Мне не терпелось увидеть суда арабской постройки, и я направился к морю.
Берег производил неизгладимое впечатление. Повсюду, сколько хватало взгляда, возвышались горы, воплощавшие мечты любого геолога. Местами скалы принимали причудливые оттенки: лилово-розовые, серые и оливковые. Густая зелень пальм контрастировала с золотисто-желтым цветом известняка и песчаника вдоль течения ручьев. Чуть дальше от берега, по холмам, словно колонии кораллов на скалах, лепились дома темно-желтого цвета, построенные из глины. Высоты занимали старинные крепости с зубчатыми стенами и дозорные башни, украшенные красно-бело-зелеными флагами султаната. Казалось, что окрестные жители готовятся к празднику.

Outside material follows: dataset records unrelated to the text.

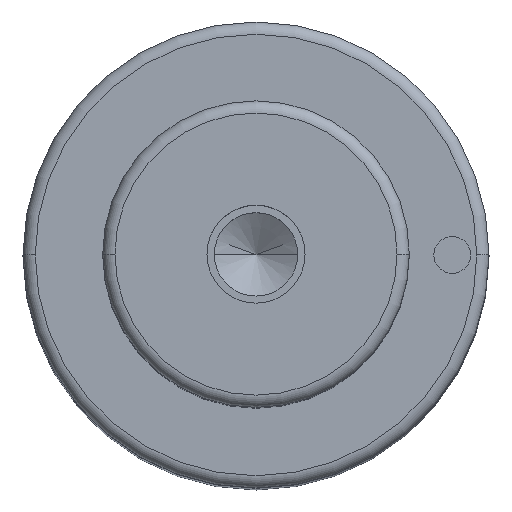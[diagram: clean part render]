
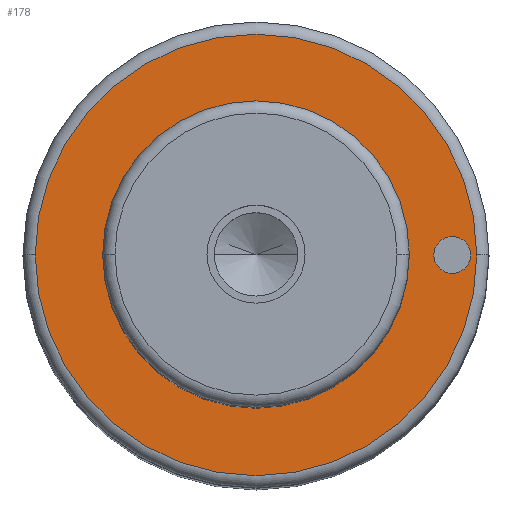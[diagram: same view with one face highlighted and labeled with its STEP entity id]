
A CAD part, top view. The second image highlights one B-rep face of the part: STEP entity #178.
In plain terms, the highlighted planar face has unit normal (0, 0, 1).
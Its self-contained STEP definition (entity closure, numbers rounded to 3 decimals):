
#105=PLANE('',#866);
#115=FACE_BOUND('',#283,.T.);
#116=FACE_BOUND('',#284,.T.);
#117=FACE_BOUND('',#285,.T.);
#178=ADVANCED_FACE('',(#115,#116,#117),#105,.T.);
#283=EDGE_LOOP('',(#473,#474));
#284=EDGE_LOOP('',(#475,#476));
#285=EDGE_LOOP('',(#477,#478));
#333=CIRCLE('',#834,12.5);
#334=CIRCLE('',#836,12.5);
#338=CIRCLE('',#841,18.);
#339=CIRCLE('',#843,18.);
#351=CIRCLE('',#864,1.5);
#352=CIRCLE('',#865,1.5);
#473=ORIENTED_EDGE('',*,*,#666,.F.);
#474=ORIENTED_EDGE('',*,*,#667,.F.);
#475=ORIENTED_EDGE('',*,*,#685,.F.);
#476=ORIENTED_EDGE('',*,*,#686,.F.);
#477=ORIENTED_EDGE('',*,*,#662,.T.);
#478=ORIENTED_EDGE('',*,*,#660,.T.);
#590=VERTEX_POINT('',#1233);
#591=VERTEX_POINT('',#1235);
#592=VERTEX_POINT('',#1241);
#595=VERTEX_POINT('',#1246);
#604=VERTEX_POINT('',#1285);
#605=VERTEX_POINT('',#1286);
#660=EDGE_CURVE('',#591,#590,#333,.T.);
#662=EDGE_CURVE('',#590,#591,#334,.T.);
#666=EDGE_CURVE('',#595,#592,#338,.T.);
#667=EDGE_CURVE('',#592,#595,#339,.T.);
#685=EDGE_CURVE('',#604,#605,#351,.T.);
#686=EDGE_CURVE('',#605,#604,#352,.T.);
#834=AXIS2_PLACEMENT_3D('',#1234,#985,#986);
#836=AXIS2_PLACEMENT_3D('',#1238,#990,#991);
#841=AXIS2_PLACEMENT_3D('',#1247,#1000,#1001);
#843=AXIS2_PLACEMENT_3D('',#1249,#1004,#1005);
#864=AXIS2_PLACEMENT_3D('',#1284,#1052,#1053);
#865=AXIS2_PLACEMENT_3D('',#1287,#1054,#1055);
#866=AXIS2_PLACEMENT_3D('',#1288,#1056,#1057);
#985=DIRECTION('',(0.,0.,-1.));
#986=DIRECTION('',(0.,1.,0.));
#990=DIRECTION('',(0.,0.,-1.));
#991=DIRECTION('',(0.,-1.,0.));
#1000=DIRECTION('',(0.,0.,-1.));
#1001=DIRECTION('',(0.,1.,0.));
#1004=DIRECTION('',(0.,0.,-1.));
#1005=DIRECTION('',(0.,-1.,0.));
#1052=DIRECTION('',(0.,0.,1.));
#1053=DIRECTION('',(0.,1.,0.));
#1054=DIRECTION('',(0.,0.,1.));
#1055=DIRECTION('',(0.,-1.,0.));
#1056=DIRECTION('',(0.,0.,1.));
#1057=DIRECTION('',(0.,-1.,0.));
#1233=CARTESIAN_POINT('',(-12.5,0.,95.));
#1234=CARTESIAN_POINT('',(0.,0.,95.));
#1235=CARTESIAN_POINT('',(12.5,0.,95.));
#1238=CARTESIAN_POINT('',(0.,0.,95.));
#1241=CARTESIAN_POINT('',(-18.,0.,95.));
#1246=CARTESIAN_POINT('',(18.,0.,95.));
#1247=CARTESIAN_POINT('',(0.,0.,95.));
#1249=CARTESIAN_POINT('',(0.,0.,95.));
#1284=CARTESIAN_POINT('',(16.,0.,95.));
#1285=CARTESIAN_POINT('',(14.5,0.,95.));
#1286=CARTESIAN_POINT('',(17.5,0.,95.));
#1287=CARTESIAN_POINT('',(16.,0.,95.));
#1288=CARTESIAN_POINT('',(0.,0.,95.));

На прибрежном песке я увидел рыбачью лодку, которую для стоянки вытаскивают на берег. Это была арабская шаша, конструкция которой, вероятно, не изменилась за последние две тысячи лет. Она была сделана из центральных жилок листьев финиковых пальм. Эти листья срезают в определенное время и сушат, а затем отделяют от них средние жилки. Эти жилки складывают в пучок и соединяют их концы между собой тросом. Лодка эта рассчитана на одного рыбака, который занимается на ней промыслом, пока она не впитает воду и не намокнет. После этого суденышко вытаскивают на берег и сушат. Мне посчастливилось, и я увидел на берегу старика, изготовлявшего шашу. С помощью кривого ножа он отделял от пальмовых листьев средние жилки и свивал из них остов будущей шаши, прилаживая одну рейку к другой. Как я выяснил гораздо позже, этот старик считался лучшим строителем шаш, и многие рыбаки приезжали издалека, чтобы сделать ему заказ. Я узнал об этом спустя год с лишним, во время необыкновенного путешествия на борту своего корабля, бороздившего воды Индийского океана. О человеке редкой профессии мне рассказал его родственник, оставивший тихий оманский берег, чтобы стать членом моего экипажа и проделать со мной на построенном корабле весь долгий путь до Китая.
В тот же день мне довелось увидеть на берегу и сшивную лодку. Суденышко покоилось на боку. Около девяти футов длиной, оно напоминало формой кинжал. На это сравнение наводили длинный узкий корпус и заостренный нос, походивший на таран старинной галеры. Корма суденышка была сильно изогнутой и довольно высокой; длина ее по кривой равнялась примерно десяти футам. Все части лодки были сшиты между собой. Лодка выглядела достаточно ветхой; было видно, что ее неоднократно чинили, сшивая разошедшиеся участки, при этом, видимо, за неимением кокосовых тросов, использовавшихся при строительстве лодки, в дело шли рыболовная леса, капроновый трос и даже бытовой электрический шнур. Лодка эта была беданом, одним из тех быстроходных прибрежных судов, которые в свое время широко использовались арабами для рыболовного промысла и торговли с соседями. Беданы сейчас почти не используют, ибо для управления ими требуется десять-двенадцать гребцов. И все же в прошлое они не ушли: беданы я видел почти что в каждом оманском селении, в котором мне довелось побывать. Позже подобные лодки я видел даже на другой стороне Аравийского моря — на Малабарском берегу[7] Индии.
Недалеко от Маската, на том же берегу Оманского залива, находится город Сохар, который, мне кажется, все еще хранит память о путешествиях Синдбада-морехода. Во времена расцвета арабского мореплавания Сохар считался одним из крупнейших арабских портов. Истахри[8], арабский географ X века, писал, что Сохар — «наиболее густонаселенный и богатый город Омана; во всем арабском мире не сыскать города подобного Сохару с его великолепными постройками и богатой торговлей, в которой преобладают заморские товары». Истахри назвал Сохар городом купцов, торгующих со многими странами, а его современник Ал-Мукадасси[9] назвал Сохар «воротами в Китай и кладовой Востока». Позволительно было предположить, что Синдбад-мореход был уроженцем Сохара. Конечно, этому нет письменных доказательств.